■ **Directions**: Give the records again exactly. Pictures do not belong in the copy.

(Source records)
━━━

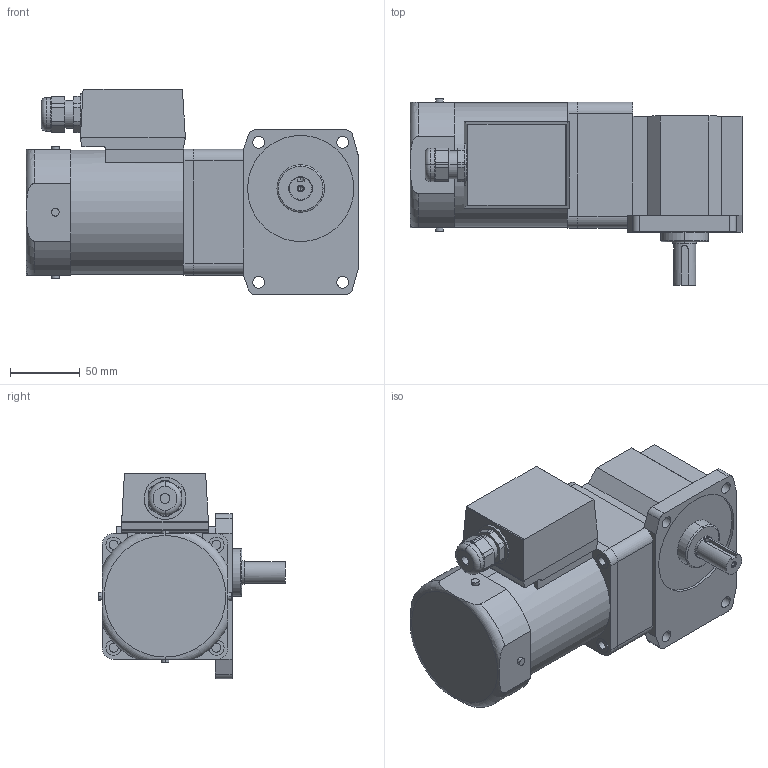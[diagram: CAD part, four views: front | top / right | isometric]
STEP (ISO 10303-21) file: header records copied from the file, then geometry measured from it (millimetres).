
FILE_DESCRIPTION(('starvars output'),'2;1');
FILE_NAME('5RK60GE-CW2TE _ 5GE180RAA.stp','13:51:49 2015/05/11',( 'Thomas Industrial Network Germany GmbH'),( 'Thomas Industrial Network Germany GmbH'),'unknown preprocess','ACIS' ,'unknown authorization');
FILE_SCHEMA(('AUTOMOTIVE_DESIGN_CC2 {UNKNOWN IMPLEMENTATION LEVEL}'));
Length unit declared in the file: millimetre
Products named in the file (1): PRODUCT_ID_245
Bounding box: 237.5 x 133.4 x 147 mm (x, y, z)
Volume: 1891764.8 mm3; surface area: 121639.6 mm2
Topology: 1 solids, 1 shells, 231 faces, 578 edges, 376 vertices
Faces by surface type: plane 112, cylinder 101, torus 14, cone 4
Entity records: 8415 total; most frequent: CARTESIAN_POINT 1423, ORIENTED_EDGE 1152, DIRECTION 920, EDGE_CURVE 576, VERTEX_POINT 376, VECTOR 322, LINE 322, AXIS2_PLACEMENT_3D 299

━━━

■ **Answer section**:
[diagram: CAD part, four views: front | top / right | isometric]
STEP (ISO 10303-21) file: header records copied from the file, then geometry measured from it (millimetres).
FILE_DESCRIPTION(('starvars output'),'2;1');
FILE_NAME('5RK60GE-CW2TE _ 5GE180RAA.stp','13:51:49 2015/05/11',( 'Thomas Industrial Network Germany GmbH'),( 'Thomas Industrial Network Germany GmbH'),'unknown preprocess','ACIS' ,'unknown authorization');
FILE_SCHEMA(('AUTOMOTIVE_DESIGN_CC2 {UNKNOWN IMPLEMENTATION LEVEL}'));
Length unit declared in the file: millimetre
Products named in the file (1): PRODUCT_ID_245
Bounding box: 237.5 x 133.4 x 147 mm (x, y, z)
Volume: 1891764.8 mm3; surface area: 121639.6 mm2
Topology: 1 solids, 1 shells, 231 faces, 578 edges, 376 vertices
Faces by surface type: plane 112, cylinder 101, torus 14, cone 4
Entity records: 8415 total; most frequent: CARTESIAN_POINT 1423, ORIENTED_EDGE 1152, DIRECTION 920, EDGE_CURVE 576, VERTEX_POINT 376, VECTOR 322, LINE 322, AXIS2_PLACEMENT_3D 299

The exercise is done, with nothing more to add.